What to produce
The records follow. Print, word for word, the first line through the "import ezdxf" line.
─── Material for this task
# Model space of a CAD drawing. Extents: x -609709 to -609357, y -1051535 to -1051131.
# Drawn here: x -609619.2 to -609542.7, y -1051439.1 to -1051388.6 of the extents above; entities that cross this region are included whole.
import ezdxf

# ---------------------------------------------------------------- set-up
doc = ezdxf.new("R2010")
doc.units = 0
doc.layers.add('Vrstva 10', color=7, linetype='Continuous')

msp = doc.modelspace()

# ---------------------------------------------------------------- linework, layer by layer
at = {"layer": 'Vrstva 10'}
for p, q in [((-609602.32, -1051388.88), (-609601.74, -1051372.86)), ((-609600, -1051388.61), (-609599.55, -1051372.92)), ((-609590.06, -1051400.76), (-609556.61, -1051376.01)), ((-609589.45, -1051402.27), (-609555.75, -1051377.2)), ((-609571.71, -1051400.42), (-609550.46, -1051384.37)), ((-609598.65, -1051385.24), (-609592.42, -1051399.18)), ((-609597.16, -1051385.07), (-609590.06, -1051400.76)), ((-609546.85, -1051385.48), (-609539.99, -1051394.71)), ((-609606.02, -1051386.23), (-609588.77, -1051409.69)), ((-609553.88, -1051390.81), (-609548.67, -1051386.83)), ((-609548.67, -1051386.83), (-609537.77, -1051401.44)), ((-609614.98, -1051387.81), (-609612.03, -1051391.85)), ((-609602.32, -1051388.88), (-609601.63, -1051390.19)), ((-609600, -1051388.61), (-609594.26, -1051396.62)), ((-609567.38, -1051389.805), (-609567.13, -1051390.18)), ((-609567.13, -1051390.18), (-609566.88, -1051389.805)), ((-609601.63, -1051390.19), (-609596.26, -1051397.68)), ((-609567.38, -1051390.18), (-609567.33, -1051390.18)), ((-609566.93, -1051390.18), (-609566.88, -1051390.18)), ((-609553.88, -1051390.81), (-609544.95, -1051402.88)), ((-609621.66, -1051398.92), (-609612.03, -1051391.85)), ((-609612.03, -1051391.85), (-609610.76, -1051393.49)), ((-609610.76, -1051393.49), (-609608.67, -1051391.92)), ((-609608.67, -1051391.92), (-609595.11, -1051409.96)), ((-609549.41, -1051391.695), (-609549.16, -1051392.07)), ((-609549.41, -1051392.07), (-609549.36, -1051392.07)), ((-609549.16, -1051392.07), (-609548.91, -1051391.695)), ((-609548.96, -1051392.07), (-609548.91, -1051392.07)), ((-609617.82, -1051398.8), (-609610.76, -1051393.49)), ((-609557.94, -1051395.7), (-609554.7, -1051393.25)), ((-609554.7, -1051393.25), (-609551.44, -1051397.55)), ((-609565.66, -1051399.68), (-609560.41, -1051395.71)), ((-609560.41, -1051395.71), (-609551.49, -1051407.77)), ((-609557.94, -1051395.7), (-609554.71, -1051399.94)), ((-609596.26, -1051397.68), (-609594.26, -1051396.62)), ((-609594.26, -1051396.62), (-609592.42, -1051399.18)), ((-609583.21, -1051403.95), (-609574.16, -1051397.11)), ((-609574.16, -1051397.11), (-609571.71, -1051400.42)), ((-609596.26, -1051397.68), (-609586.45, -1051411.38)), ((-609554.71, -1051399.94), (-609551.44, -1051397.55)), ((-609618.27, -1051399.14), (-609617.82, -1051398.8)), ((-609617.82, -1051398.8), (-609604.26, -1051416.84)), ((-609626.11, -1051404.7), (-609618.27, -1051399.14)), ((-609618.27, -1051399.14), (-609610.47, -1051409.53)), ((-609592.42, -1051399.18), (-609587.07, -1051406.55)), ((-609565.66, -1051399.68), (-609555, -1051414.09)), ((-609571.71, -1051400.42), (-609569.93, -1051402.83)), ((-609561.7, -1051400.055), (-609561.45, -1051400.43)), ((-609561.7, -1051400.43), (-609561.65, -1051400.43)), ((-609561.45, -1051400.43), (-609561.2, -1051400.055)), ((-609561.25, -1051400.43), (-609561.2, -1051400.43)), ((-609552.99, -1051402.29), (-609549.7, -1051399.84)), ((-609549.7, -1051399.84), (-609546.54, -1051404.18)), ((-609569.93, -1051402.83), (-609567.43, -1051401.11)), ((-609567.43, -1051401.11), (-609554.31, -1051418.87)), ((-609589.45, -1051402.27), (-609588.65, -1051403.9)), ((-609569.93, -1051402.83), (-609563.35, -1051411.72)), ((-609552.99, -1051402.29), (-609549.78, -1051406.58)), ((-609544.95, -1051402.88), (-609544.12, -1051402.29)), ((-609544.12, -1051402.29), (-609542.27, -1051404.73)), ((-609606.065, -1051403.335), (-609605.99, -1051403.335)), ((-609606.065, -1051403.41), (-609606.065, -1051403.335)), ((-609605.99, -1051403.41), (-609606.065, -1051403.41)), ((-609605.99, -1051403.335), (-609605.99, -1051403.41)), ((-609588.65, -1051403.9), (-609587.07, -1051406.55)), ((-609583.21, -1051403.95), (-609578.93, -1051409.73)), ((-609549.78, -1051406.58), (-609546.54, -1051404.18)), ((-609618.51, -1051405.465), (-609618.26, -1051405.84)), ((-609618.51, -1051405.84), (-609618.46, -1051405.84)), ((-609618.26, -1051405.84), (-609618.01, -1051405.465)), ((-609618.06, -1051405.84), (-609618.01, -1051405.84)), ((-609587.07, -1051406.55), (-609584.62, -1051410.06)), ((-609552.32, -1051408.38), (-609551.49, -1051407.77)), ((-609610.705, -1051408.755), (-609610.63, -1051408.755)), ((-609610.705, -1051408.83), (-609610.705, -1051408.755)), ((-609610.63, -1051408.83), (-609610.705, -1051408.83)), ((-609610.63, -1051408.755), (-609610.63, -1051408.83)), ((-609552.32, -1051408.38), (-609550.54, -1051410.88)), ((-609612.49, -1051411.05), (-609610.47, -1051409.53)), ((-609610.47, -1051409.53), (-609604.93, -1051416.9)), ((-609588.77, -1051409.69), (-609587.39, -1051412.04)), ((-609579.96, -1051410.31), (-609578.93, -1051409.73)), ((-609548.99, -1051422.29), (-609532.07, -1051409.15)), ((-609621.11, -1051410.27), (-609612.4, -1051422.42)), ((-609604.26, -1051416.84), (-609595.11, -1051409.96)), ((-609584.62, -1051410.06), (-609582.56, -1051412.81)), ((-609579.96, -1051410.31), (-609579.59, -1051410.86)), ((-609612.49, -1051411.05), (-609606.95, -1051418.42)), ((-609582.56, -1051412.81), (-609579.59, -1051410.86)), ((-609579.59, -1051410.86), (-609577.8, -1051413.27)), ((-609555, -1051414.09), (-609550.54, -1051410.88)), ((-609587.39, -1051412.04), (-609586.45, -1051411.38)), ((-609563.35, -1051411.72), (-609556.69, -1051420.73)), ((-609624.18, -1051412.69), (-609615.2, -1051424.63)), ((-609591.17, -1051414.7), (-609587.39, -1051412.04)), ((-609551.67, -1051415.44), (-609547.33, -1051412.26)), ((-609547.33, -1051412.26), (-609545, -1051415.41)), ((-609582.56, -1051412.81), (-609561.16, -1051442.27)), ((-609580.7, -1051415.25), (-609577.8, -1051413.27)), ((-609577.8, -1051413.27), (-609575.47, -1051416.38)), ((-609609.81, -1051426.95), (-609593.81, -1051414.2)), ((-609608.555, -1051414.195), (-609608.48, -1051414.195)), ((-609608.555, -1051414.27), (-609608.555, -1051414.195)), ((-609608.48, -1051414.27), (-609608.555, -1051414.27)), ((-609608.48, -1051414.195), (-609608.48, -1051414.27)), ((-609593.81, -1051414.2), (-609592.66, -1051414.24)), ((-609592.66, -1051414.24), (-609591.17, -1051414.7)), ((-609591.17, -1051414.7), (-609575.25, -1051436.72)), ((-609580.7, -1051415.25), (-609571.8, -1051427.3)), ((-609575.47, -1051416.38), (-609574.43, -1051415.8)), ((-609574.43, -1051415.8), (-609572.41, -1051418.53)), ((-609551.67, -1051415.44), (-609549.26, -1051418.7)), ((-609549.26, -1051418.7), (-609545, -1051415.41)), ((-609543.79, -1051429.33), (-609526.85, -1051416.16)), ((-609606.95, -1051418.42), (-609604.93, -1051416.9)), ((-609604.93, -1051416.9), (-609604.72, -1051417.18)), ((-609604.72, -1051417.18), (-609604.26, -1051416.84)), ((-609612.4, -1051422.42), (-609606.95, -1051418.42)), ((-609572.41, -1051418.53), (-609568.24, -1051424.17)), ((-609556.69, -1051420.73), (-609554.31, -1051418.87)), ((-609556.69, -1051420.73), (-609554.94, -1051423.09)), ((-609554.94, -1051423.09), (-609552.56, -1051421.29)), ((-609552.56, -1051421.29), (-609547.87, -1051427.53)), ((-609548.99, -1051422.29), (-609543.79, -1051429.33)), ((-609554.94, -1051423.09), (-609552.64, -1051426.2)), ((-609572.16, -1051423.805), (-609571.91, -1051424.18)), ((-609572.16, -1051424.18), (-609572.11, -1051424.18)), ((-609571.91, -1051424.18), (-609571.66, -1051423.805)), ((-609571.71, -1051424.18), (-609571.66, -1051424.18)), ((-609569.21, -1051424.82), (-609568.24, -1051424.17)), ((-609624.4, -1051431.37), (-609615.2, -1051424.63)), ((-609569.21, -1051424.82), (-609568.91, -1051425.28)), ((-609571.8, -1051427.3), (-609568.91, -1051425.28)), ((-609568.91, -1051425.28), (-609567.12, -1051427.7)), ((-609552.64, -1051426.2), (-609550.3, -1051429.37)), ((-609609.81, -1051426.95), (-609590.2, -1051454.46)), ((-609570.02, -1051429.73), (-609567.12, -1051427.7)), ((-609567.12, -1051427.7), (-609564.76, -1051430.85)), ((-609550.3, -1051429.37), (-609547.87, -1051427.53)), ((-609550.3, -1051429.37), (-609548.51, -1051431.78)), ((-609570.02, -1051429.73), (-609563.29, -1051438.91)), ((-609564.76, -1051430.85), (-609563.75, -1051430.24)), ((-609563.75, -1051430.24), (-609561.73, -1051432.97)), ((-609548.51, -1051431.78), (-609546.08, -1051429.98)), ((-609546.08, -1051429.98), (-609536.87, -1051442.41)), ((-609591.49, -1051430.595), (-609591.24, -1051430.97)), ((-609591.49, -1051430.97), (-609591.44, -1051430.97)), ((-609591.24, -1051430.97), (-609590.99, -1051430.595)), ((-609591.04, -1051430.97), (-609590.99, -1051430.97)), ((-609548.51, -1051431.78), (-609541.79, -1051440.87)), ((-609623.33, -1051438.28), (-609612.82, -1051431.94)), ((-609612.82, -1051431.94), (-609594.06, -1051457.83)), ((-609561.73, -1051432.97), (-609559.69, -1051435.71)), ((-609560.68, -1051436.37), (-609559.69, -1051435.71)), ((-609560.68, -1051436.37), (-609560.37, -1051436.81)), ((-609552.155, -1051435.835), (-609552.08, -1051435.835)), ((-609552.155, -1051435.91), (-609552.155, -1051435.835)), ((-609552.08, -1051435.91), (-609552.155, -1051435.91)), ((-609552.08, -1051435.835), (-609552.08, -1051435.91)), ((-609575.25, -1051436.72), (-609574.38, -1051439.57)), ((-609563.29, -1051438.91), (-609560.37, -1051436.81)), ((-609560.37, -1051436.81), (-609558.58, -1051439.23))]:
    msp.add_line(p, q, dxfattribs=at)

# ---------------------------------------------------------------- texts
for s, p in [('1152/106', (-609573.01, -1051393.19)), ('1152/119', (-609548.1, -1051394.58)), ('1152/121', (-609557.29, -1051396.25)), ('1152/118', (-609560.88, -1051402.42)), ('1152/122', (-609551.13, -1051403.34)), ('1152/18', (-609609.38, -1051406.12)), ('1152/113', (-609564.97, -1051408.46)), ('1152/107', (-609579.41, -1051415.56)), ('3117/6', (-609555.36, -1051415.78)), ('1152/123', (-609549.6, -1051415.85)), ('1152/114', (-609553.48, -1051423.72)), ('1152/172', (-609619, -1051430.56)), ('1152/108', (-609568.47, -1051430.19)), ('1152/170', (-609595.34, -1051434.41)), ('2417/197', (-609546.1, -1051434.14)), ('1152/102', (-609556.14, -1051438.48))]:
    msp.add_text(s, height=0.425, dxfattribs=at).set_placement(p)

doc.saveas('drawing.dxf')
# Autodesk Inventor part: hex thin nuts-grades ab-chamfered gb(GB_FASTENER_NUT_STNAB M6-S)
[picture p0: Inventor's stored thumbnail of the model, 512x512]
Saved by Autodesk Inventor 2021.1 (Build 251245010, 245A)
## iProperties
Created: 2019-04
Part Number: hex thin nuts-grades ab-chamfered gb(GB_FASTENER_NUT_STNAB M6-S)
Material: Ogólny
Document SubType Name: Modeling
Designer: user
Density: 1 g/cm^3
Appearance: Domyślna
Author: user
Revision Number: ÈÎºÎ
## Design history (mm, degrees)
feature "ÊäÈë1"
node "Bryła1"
──────
Solution for this exercise
# Model space of a CAD drawing. Extents: x -609709 to -609357, y -1051535 to -1051131.
# Drawn here: x -609619.2 to -609542.7, y -1051439.1 to -1051388.6 of the extents above; entities that cross this region are included whole.
import ezdxf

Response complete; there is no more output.